**EXERCISE:** The answer must consist of each line below that holds the word "Phase", copied as it stands.

- - - - - - -

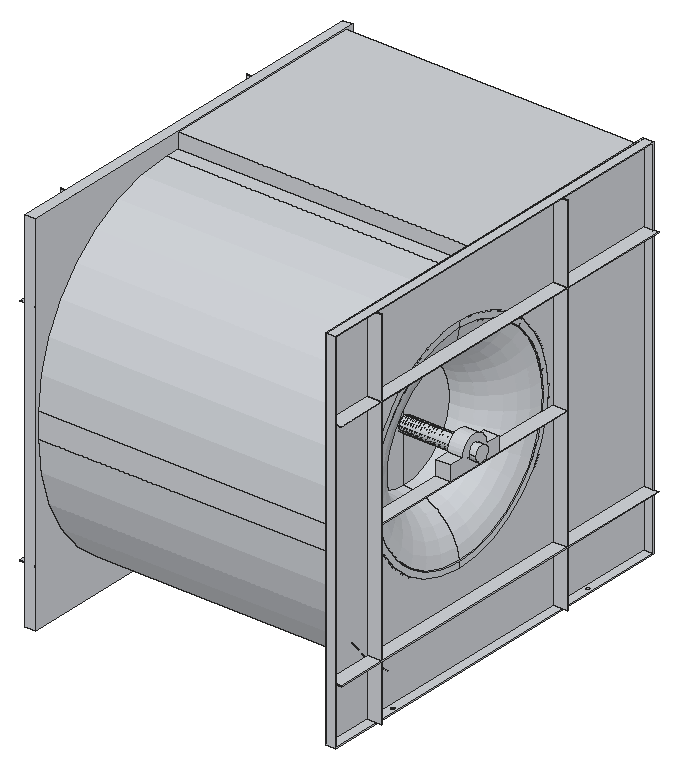
Revit family "CA-4_DWDI_ARR_3_CW_UBD", category Mechanical Equipment, Revit 2019
Family settings
  Round Connector Dimension = Use Radius
  Part Type = Normal
  Work Plane-Based = No
  Always vertical = Yes
  Cut with Voids When Loaded = No
  Shared = No
  Room Calculation Point = No
Parameters (values of type "600_CA-4_DWDI_ARR_3_CW_UBD_CLASS_3")
  T/2 = T / 2  # 17/32"
  T = 1 1/16"
  S = 32"
  P/2 = P / 2  # 44 7/8"
  P = 89 3/4"
  O = 44 7/8"
  N/2 = N / 2  # 2 7/32"
  N+A+H = N + A + H  # 69 5/8"
  N*2 = N * 2  # 8 7/8"
  N = 4 7/16"
  ModelID [instance] = ""
  M = 14 3/4"
  L = 110 3/4"
  J-.125" = J - 1/8"  # 2 7/8"
  J*1.5 = J * 1.5  # 4 1/2"
  INLET_RAD+1.5" = INLET_RAD + 1 1/2"  # 34 1/2"
  G+N = G + N  # 56 1/16"
  G-(INLET_RAD+1.5") = G - (INLET_RAD + 1 1/2")  # 17 1/8"
  G+(INLET_RAD+1.5") = G + (INLET_RAD + 1 1/2")  # 86 1/8"
  F-G = F - G  # 58"
  E = 49 3/4"
  Accessories [instance] = ""
  -J*1.5 = -J * 1.5  # -4 1/2"
  J = 3"
  Unit Weight [instance] = ""
  INLET_RAD/2 = INLET_RAD / 2  # 16 1/2"
  INLET_RAD = INLET_DIA / 2  # 33"
  INLET_DIA = 66"
  H = 3"
  EE = E  # 49 3/4"
  Sones [instance] = ""
  D/8 = D / 8  # 14 49/64"
  D/2 = D / 2  # 59 1/16"
  D = 118 1/8"
  Motor RPM [instance] = ""
  Motor Enclosure [instance] = ""
  LwA [instance] = ""
  Fan RPM [instance] = ""
  G = 51 5/8"
  F/2 = F / 2  # 54 13/16"
  F = 109 5/8"
  B/2 = B / 2  # 43 1/8"
  B+.25" = B + 1/4"  # 86 1/2"
  B = 86 1/4"
  A+.25" = A + 1/4"  # 62 7/16"
  A = 62 3/16"
  3" = 3"  # constant formula
  Brake Hp [instance] = ""
  4" = 4"  # constant formula
  2' = 24"
  2" = 2"  # constant formula
  1" = 1"  # constant formula
  0 = 0"  # constant formula
  Voltage [instance] = 0 V
  URL = "www.lorencook.com"
  Type Comments = "Airfoil Centrifugal Blower Arrangement 3 Clockwise Up Blast Discharge"  # constant formula
  Static Pressure [instance] = 0.00 in-wg
  Power [instance] = Voltage * Motor FLA * sqrt(if(Phase = 3, 3, 1))  # 0 VA
  Phase [instance] = 0
  Number of Poles [instance] = 1
  Motor Hp [instance] = "0"
  Motor FLA [instance] = 0 A
  Model = "CA-4 DWDI CW UBD Class 3"
  Manufacturer = "Loren Cook Company"
  CFM [instance] = 0 CFM
  1.5 = 1 1/2"  # constant formula
  ONE EIGTH = 1/8"  # constant formula
  -L+M = -L + M  # -96"
  -B = -B  # -86 1/4"
  -A = -A  # -62 3/16"
  -(B/2)-J = -(B / 2) - J  # -46 1/8"
  -B/2 = -B / 2  # -43 1/8"
  (F/2)-S = (F / 2) - S  # 22 13/16"
  (B/2)+J = (B / 2) + J  # 46 1/8"
  (B/2)+.125" = (B / 2) + 1/8"  # 43 1/4"
Types (55): name | T/2 | T | S | P/2 | P | O | N/2 | N+A+H | N*2 | N | M | L | J-.125" | J*1.5 | INLET_RAD+1.5" | G+N | G-(INLET_RAD+1.5") | G+(INLET_RAD+1.5") | F-G | E | -J*1.5 | J | INLET_RAD/2 | INLET_RAD | INLET_DIA | H | EE | D/8 | D/2 | D | G | F/2 | F | B/2 | B+.25" | B | A+.25" | A | Model | -L+M | -B | -A | -(B/2)-J | -B/2 | (F/2)-S | (B/2)+J | (B/2)+.125"
  (no name) | 17/32" | 1 1/16" | 32" | 44 7/8" | 89 3/4" | 44 7/8" | 2 7/32" | 69 5/8" | 8 7/8" | 4 7/16" | 14 3/4" | 110 3/4" | 2 7/8" | 4 1/2" | 34 1/2" | 56 1/16" | 17 1/8" | 86 1/8" | 58" | 49 3/4" | -4 1/2" | 3" | 16 1/2" | 33" | 66" | 3" | 49 3/4" | 14 49/64" | 59 1/16" | 118 1/8" | 51 5/8" | 54 13/16" | 109 5/8" | 43 1/8" | 86 1/2" | 86 1/4" | 62 7/16" | 62 3/16" | "CA-4 DWDI CW UBD Class 3" | -96" | -86 1/4" | -62 3/16" | -46 1/8" | -43 1/8" | 22 13/16" | 46 1/8" | 43 1/4"
  120_CA-4_DWDI_ARR_3_CW_UBD_CLASS_1 | 11/32" | 11/16" | 7 1/2" | 9 31/32" | 19 15/16" | 9 31/32" | 23/32" | 15 9/16" | 2 7/8" | 1 7/16" | 5 3/4" | 28 11/16" | 1 7/8" | 3" | 9 5/8" | 11 13/16" | 3/4" | 20" | 12 3/8" | 10 3/4" | -3" | 2" | 4 1/16" | 8 1/8" | 16 1/4" | 2" | 10 3/4" | 3 31/128" | 12 31/32" | 25 15/16" | 10 3/8" | 11 3/8" | 22 3/4" | 8 27/32" | 17 15/16" | 17 11/16" | 12 3/8" | 12 1/8" | "CA-4 DWDI CW UBD Class 1" | -22 15/16" | -17 11/16" | -12 1/8" | -10 27/32" | -8 27/32" | 3 7/8" | 10 27/32" | 8 31/32"
  120_CA-4_DWDI_ARR_3_CW_UBD_CLASS_2 | 11/32" | 11/16" | 7 1/2" | 9 31/32" | 19 15/16" | 9 31/32" | 27/32" | 15 13/16" | 3 3/8" | 1 11/16" | 6 1/8" | 29 7/16" | 1 7/8" | 3" | 9 5/8" | 12 1/16" | 3/4" | 20" | 12 3/8" | 10 3/4" | -3" | 2" | 4 1/16" | 8 1/8" | 16 1/4" | 2" | 10 3/4" | 3 31/128" | 12 31/32" | 25 15/16" | 10 3/8" | 11 3/8" | 22 3/4" | 8 27/32" | 17 15/16" | 17 11/16" | 12 3/8" | 12 1/8" | "CA-4 DWDI CW UBD Class 2" | -23 5/16" | -17 11/16" | -12 1/8" | -10 27/32" | -8 27/32" | 3 7/8" | 10 27/32" | 8 31/32"
  120_CA-4_DWDI_ARR_3_CW_UBD_CLASS_3 | 11/32" | 11/16" | 7 1/2" | 9 31/32" | 19 15/16" | 9 31/32" | 31/32" | 16 1/16" | 3 7/8" | 1 15/16" | 6 3/8" | 29 15/16" | 1 7/8" | 3" | 9 5/8" | 12 5/16" | 3/4" | 20" | 12 3/8" | 10 3/4" | -3" | 2" | 4 1/16" | 8 1/8" | 16 1/4" | 2" | 10 3/4" | 3 31/128" | 12 31/32" | 25 15/16" | 10 3/8" | 11 3/8" | 22 3/4" | 8 27/32" | 17 15/16" | 17 11/16" | 12 3/8" | 12 1/8" | "CA-4 DWDI CW UBD Class 3" | -23 9/16" | -17 11/16" | -12 1/8" | -10 27/32" | -8 27/32" | 3 7/8" | 10 27/32" | 8 31/32"
  135_CA-4_DWDI_ARR_3_CW_UBD_CLASS_1 | 11/32" | 11/16" | 8 1/2" | 11 3/32" | 22 3/16" | 11 3/32" | 23/32" | 17 1/16" | 2 7/8" | 1 7/16" | 5 3/4" | 30 15/16" | 1 7/8" | 3" | 10 3/8" | 13 1/16" | 1 1/4" | 22" | 13 7/8" | 12" | -3" | 2" | 4 7/16" | 8 7/8" | 17 3/4" | 2" | 12" | 3 3/16" | 12 3/4" | 25 1/2" | 11 5/8" | 12 3/4" | 25 1/2" | 9 31/32" | 20 3/16" | 19 15/16" | 13 7/8" | 13 5/8" | "CA-4 DWDI CW UBD Class 1" | -25 3/16" | -19 15/16" | -13 5/8" | -11 31/32" | -9 31/32" | 4 1/4" | 11 31/32" | 10 3/32"
  135_CA-4_DWDI_ARR_3_CW_UBD_CLASS_2 | 11/32" | 11/16" | 8 1/2" | 11 3/32" | 22 3/16" | 11 3/32" | 27/32" | 17 5/16" | 3 3/8" | 1 11/16" | 6 1/8" | 31 11/16" | 1 7/8" | 3" | 10 3/8" | 13 5/16" | 1 1/4" | 22" | 13 7/8" | 12" | -3" | 2" | 4 7/16" | 8 7/8" | 17 3/4" | 2" | 12" | 3 77/128" | 14 13/32" | 28 13/16" | 11 5/8" | 12 3/4" | 25 1/2" | 9 31/32" | 20 3/16" | 19 15/16" | 13 7/8" | 13 5/8" | "CA-4 DWDI CW UBD Class 2" | -25 9/16" | -19 15/16" | -13 5/8" | -11 31/32" | -9 31/32" | 4 1/4" | 11 31/32" | 10 3/32"
  135_CA-4_DWDI_ARR_3_CW_UBD_CLASS_3 | 11/32" | 11/16" | 8 1/2" | 11 3/32" | 22 3/16" | 11 3/32" | 1 3/32" | 17 13/16" | 4 3/8" | 2 3/16" | 6 5/8" | 32 11/16" | 1 7/8" | 3" | 10 3/8" | 13 13/16" | 1 1/4" | 22" | 13 7/8" | 12" | -3" | 2" | 4 7/16" | 8 7/8" | 17 3/4" | 2" | 12" | 3 77/128" | 14 13/32" | 28 13/16" | 11 5/8" | 12 3/4" | 25 1/2" | 9 31/32" | 20 3/16" | 19 15/16" | 13 7/8" | 13 5/8" | "CA-4 DWDI CW UBD Class 3" | -26 1/16" | -19 15/16" | -13 5/8" | -11 31/32" | -9 31/32" | 4 1/4" | 11 31/32" | 10 3/32"
  150_CA-4_DWDI_ARR_3_CW_UBD_CLASS_1 | 11/32" | 11/16" | 9" | 12 1/8" | 24 1/4" | 12 1/8" | 27/32" | 18 15/16" | 3 3/8" | 1 11/16" | 6 5/8" | 34 1/4" | 1 7/8" | 3" | 11 1/8" | 14 9/16" | 1 3/4" | 24" | 15 1/4" | 13 1/4" | -3" | 2" | 4 13/16" | 9 5/8" | 19 1/4" | 2" | 13 1/4" | 3 123/128" | 15 27/32" | 31 11/16" | 12 7/8" | 14 1/16" | 28 1/8" | 11" | 22 1/4" | 22" | 15 1/2" | 15 1/4" | "CA-4 DWDI CW UBD Class 1" | -27 5/8" | -22" | -15 1/4" | -13" | -11" | 5 1/16" | 13" | 11 1/8"
  150_CA-4_DWDI_ARR_3_CW_UBD_CLASS_2 | 11/32" | 11/16" | 9" | 12 1/8" | 24 1/4" | 12 1/8" | 31/32" | 19 3/16" | 3 7/8" | 1 15/16" | 6 7/8" | 34 3/4" | 1 7/8" | 3" | 11 1/8" | 14 13/16" | 1 3/4" | 24" | 15 1/4" | 13 1/4" | -3" | 2" | 4 13/16" | 9 5/8" | 19 1/4" | 2" | 13 1/4" | 3 123/128" | 15 27/32" | 31 11/16" | 12 7/8" | 14 1/16" | 28 1/8" | 11" | 22 1/4" | 22" | 15 1/2" | 15 1/4" | "CA-4 DWDI CW UBD Class 2" | -27 7/8" | -22" | -15 1/4" | -13" | -11" | 5 1/16" | 13" | 11 1/8"
  150_CA-4_DWDI_ARR_3_CW_UBD_CLASS_3 | 11/32" | 11/16" | 9" | 12 1/8" | 24 1/4" | 12 1/8" | 1 7/32" | 19 11/16" | 4 7/8" | 2 7/16" | 7 1/4" | 35 1/2" | 1 7/8" | 3" | 11 1/8" | 15 5/16" | 1 3/4" | 24" | 15 1/4" | 13 1/4" | -3" | 2" | 4 13/16" | 9 5/8" | 19 1/4" | 2" | 13 1/4" | 3 123/128" | 15 27/32" | 31 11/16" | 12 7/8" | 14 1/16" | 28 1/8" | 11" | 22 1/4" | 22" | 15 1/2" | 15 1/4" | "CA-4 DWDI CW UBD Class 3" | -28 1/4" | -22" | -15 1/4" | -13" | -11" | 5 1/16" | 13" | 11 1/8"
  165_CA-4_DWDI_ARR_3_CW_UBD_CLASS_1 | 11/32" | 11/16" | 10" | 13 1/8" | 26 1/4" | 13 1/8" | 27/32" | 20 5/8" | 3 3/8" | 1 11/16" | 6 5/8" | 36 1/4" | 1 7/8" | 3" | 12 1/8" | 15 15/16" | 2 1/8" | 26 3/8" | 16 5/8" | 14 3/8" | -3" | 2" | 5 5/16" | 10 5/8" | 21 1/4" | 2" | 14 3/8" | 4 39/128" | 17 7/32" | 34 7/16" | 14 1/4" | 15 7/16" | 30 7/8" | 12" | 24 1/4" | 24" | 17 3/16" | 16 15/16" | "CA-4 DWDI CW UBD Class 1" | -29 5/8" | -24" | -16 15/16" | -14" | -12" | 5 7/16" | 14" | 12 1/8"
  165_CA-4_DWDI_ARR_3_CW_UBD_CLASS_2 | 11/32" | 11/16" | 10" | 13 1/8" | 26 1/4" | 13 1/8" | 31/32" | 20 7/8" | 3 7/8" | 1 15/16" | 6 7/8" | 36 3/4" | 1 7/8" | 3" | 12 1/8" | 16 3/16" | 2 1/8" | 26 3/8" | 16 5/8" | 14 3/8" | -3" | 2" | 5 5/16" | 10 5/8" | 21 1/4" | 2" | 14 3/8" | 4 39/128" | 17 7/32" | 34 7/16" | 14 1/4" | 15 7/16" | 30 7/8" | 12" | 24 1/4" | 24" | 17 3/16" | 16 15/16" | "CA-4 DWDI CW UBD Class 2" | -29 7/8" | -24" | -16 15/16" | -14" | -12" | 5 7/16" | 14" | 12 1/8"
  165_CA-4_DWDI_ARR_3_CW_UBD_CLASS_3 | 11/32" | 11/16" | 10" | 13 1/8" | 26 1/4" | 13 1/8" | 1 7/32" | 21 3/8" | 4 7/8" | 2 7/16" | 7 3/16" | 37 1/2" | 1 7/8" | 3" | 12 1/8" | 16 11/16" | 2 1/8" | 26 3/8" | 16 5/8" | 14 3/8" | -3" | 2" | 5 5/16" | 10 5/8" | 21 1/4" | 2" | 14 3/8" | 4 39/128" | 17 7/32" | 34 7/16" | 14 1/4" | 15 7/16" | 30 7/8" | 12" | 24 1/4" | 24" | 17 3/16" | 16 15/16" | "CA-4 DWDI CW UBD Class 3" | -30 5/16" | -24" | -16 15/16" | -14" | -12" | 5 7/16" | 14" | 12 1/8"
  180_CA-4_DWDI_ARR_3_CW_UBD_CLASS_1 | 11/32" | 11/16" | 11" | 14 5/32" | 28 5/16" | 14 5/32" | 27/32" | 22 3/16" | 3 3/8" | 1 11/16" | 7 1/8" | 38 13/16" | 1 7/8" | 3" | 12 7/8" | 17 3/16" | 2 5/8" | 28 3/8" | 18 1/8" | 15 5/8" | -3" | 2" | 5 11/16" | 11 3/8" | 22 3/4" | 2" | 15 5/8" | 4 85/128" | 18 21/32" | 37 5/16" | 15 1/2" | 16 13/16" | 33 5/8" | 13 1/32" | 26 5/16" | 26 1/16" | 18 3/4" | 18 1/2" | "CA-4 DWDI CW UBD Class 1" | -31 11/16" | -26 1/16" | -18 1/2" | -15 1/32" | -13 1/32" | 5 13/16" | 15 1/32" | 13 5/32"
  180_CA-4_DWDI_ARR_3_CW_UBD_CLASS_2 | 11/32" | 11/16" | 11" | 14 5/32" | 28 5/16" | 14 5/32" | 31/32" | 22 7/16" | 3 7/8" | 1 15/16" | 7 3/8" | 39 5/16" | 1 7/8" | 3" | 12 7/8" | 17 7/16" | 2 5/8" | 28 3/8" | 18 1/8" | 15 5/8" | -3" | 2" | 5 11/16" | 11 3/8" | 22 3/4" | 2" | 15 5/8" | 4 85/128" | 18 21/32" | 37 5/16" | 15 1/2" | 16 13/16" | 33 5/8" | 13 1/32" | 26 5/16" | 26 1/16" | 18 3/4" | 18 1/2" | "CA-4 DWDI CW UBD Class 2" | -31 15/16" | -26 1/16" | -18 1/2" | -15 1/32" | -13 1/32" | 5 13/16" | 15 1/32" | 13 5/32"
  180_CA-4_DWDI_ARR_3_CW_UBD_CLASS_3 | 11/32" | 11/16" | 11" | 14 5/32" | 28 5/16" | 14 5/32" | 1 7/32" | 22 15/16" | 4 7/8" | 2 7/16" | 7 3/4" | 40 1/16" | 1 7/8" | 3" | 12 7/8" | 17 15/16" | 2 5/8" | 28 3/8" | 18 1/8" | 15 5/8" | -3" | 2" | 5 11/16" | 11 3/8" | 22 3/4" | 2" | 15 5/8" | 4 85/128" | 18 21/32" | 37 5/16" | 15 1/2" | 16 13/16" | 33 5/8" | 13 1/32" | 26 5/16" | 26 1/16" | 18 3/4" | 18 1/2" | "CA-4 DWDI CW UBD Class 3" | -32 5/16" | -26 1/16" | -18 1/2" | -15 1/32" | -13 1/32" | 5 13/16" | 15 1/32" | 13 5/32"
  195_CA-4_DWDI_ARR_3_CW_UBD_CLASS_1 | 11/32" | 11/16" | 11 1/2" | 15 11/32" | 30 11/16" | 15 11/32" | 31/32" | 23 7/16" | 3 7/8" | 1 15/16" | 7 1/4" | 41 11/16" | 1 7/8" | 3" | 13 5/8" | 18 11/16" | 3 1/8" | 30 3/8" | 19 1/2" | 16 3/4" | -3" | 2" | 6 1/16" | 12 1/8" | 24 1/4" | 2" | 16 3/4" | 5 1/128" | 20 1/32" | 40 1/16" | 16 3/4" | 18 1/8" | 36 1/4" | 14 7/32" | 28 11/16" | 28 7/16" | 19 3/4" | 19 1/2" | "CA-4 DWDI CW UBD Class 1" | -34 7/16" | -28 7/16" | -19 1/2" | -16 7/32" | -14 7/32" | 6 5/8" | 16 7/32" | 14 11/32"
  195_CA-4_DWDI_ARR_3_CW_UBD_CLASS_2 | 11/32" | 11/16" | 11 1/2" | 15 11/32" | 30 11/16" | 15 11/32" | 1 3/32" | 23 11/16" | 4 3/8" | 2 3/16" | 7 5/8" | 42 3/16" | 1 7/8" | 3" | 13 5/8" | 18 15/16" | 3 1/8" | 30 3/8" | 19 1/2" | 16 3/4" | -3" | 2" | 6 1/16" | 12 1/8" | 24 1/4" | 2" | 16 3/4" | 5 1/128" | 20 1/32" | 40 1/16" | 16 3/4" | 18 1/8" | 36 1/4" | 14 7/32" | 28 11/16" | 28 7/16" | 19 3/4" | 19 1/2" | "CA-4 DWDI CW UBD Class 2" | -34 9/16" | -28 7/16" | -19 1/2" | -16 7/32" | -14 7/32" | 6 5/8" | 16 7/32" | 14 11/32"
  195_CA-4_DWDI_ARR_3_CW_UBD_CLASS_3 | 11/32" | 11/16" | 11 1/2" | 15 11/32" | 30 11/16" | 15 11/32" | 1 11/32" | 24 3/16" | 5 3/8" | 2 11/16" | 8" | 42 15/16" | 1 7/8" | 3" | 13 5/8" | 19 7/16" | 3 1/8" | 30 3/8" | 19 1/2" | 16 3/4" | -3" | 2" | 6 1/16" | 12 1/8" | 24 1/4" | 2" | 16 3/4" | 5 1/128" | 20 1/32" | 40 1/16" | 16 3/4" | 18 1/8" | 36 1/4" | 14 7/32" | 28 11/16" | 28 7/16" | 19 3/4" | 19 1/2" | "CA-4 DWDI CW UBD Class 3" | -34 15/16" | -28 7/16" | -19 1/2" | -16 7/32" | -14 7/32" | 6 5/8" | 16 7/32" | 14 11/32"
  210_CA-4_DWDI_ARR_3_CW_UBD_CLASS_1 | 15/32" | 15/16" | 12" | 16 5/16" | 32 5/8" | 6 5/16" | 31/32" | 25 9/16" | 3 7/8" | 1 15/16" | 7 7/8" | 44 1/8" | 1 7/8" | 3" | 14 1/2" | 20 1/16" | 3 5/8" | 32 5/8" | 21" | 18" | -3" | 2" | 6 1/2" | 13" | 26" | 2" | 18" | 5 47/128" | 21 15/32" | 42 15/16" | 18 1/8" | 19 9/16" | 39 1/8" | 15 3/16" | 30 5/8" | 30 3/8" | 21 7/8" | 21 5/8" | "CA-4 DWDI CW UBD Class 1" | -36 1/4" | -30 3/8" | -21 5/8" | -17 3/16" | -15 3/16" | 7 9/16" | 17 3/16" | 15 5/16"
  210_CA-4_DWDI_ARR_3_CW_UBD_CLASS_2 | 15/32" | 15/16" | 12" | 16 5/16" | 32 5/8" | 6 5/16" | 1 3/32" | 25 13/16" | 4 3/8" | 2 3/16" | 8 1/8" | 44 5/8" | 1 7/8" | 3" | 14 1/2" | 20 5/16" | 3 5/8" | 32 5/8" | 21" | 18" | -3" | 2" | 6 1/2" | 13" | 26" | 2" | 18" | 5 47/128" | 21 15/32" | 42 15/16" | 18 1/8" | 19 9/16" | 39 1/8" | 15 3/16" | 30 5/8" | 30 3/8" | 21 7/8" | 21 5/8" | "CA-4 DWDI CW UBD Class 2" | -36 1/2" | -30 3/8" | -21 5/8" | -17 3/16" | -15 3/16" | 7 9/16" | 17 3/16" | 15 5/16"
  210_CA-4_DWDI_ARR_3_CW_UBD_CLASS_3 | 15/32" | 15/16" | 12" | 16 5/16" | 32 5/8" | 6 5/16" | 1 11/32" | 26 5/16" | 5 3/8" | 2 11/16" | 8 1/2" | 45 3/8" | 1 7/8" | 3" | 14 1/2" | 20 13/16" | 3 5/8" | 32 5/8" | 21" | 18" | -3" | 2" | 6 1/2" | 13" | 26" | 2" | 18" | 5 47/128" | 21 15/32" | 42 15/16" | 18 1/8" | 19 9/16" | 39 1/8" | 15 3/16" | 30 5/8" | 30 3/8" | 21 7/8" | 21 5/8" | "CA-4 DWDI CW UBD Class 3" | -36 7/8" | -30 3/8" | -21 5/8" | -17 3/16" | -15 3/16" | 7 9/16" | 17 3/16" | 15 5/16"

- - - - - - -

**OUTPUT BELOW:**
  Power [instance] = Voltage * Motor FLA * sqrt(if(Phase = 3, 3, 1))  # 0 VA
  Phase [instance] = 0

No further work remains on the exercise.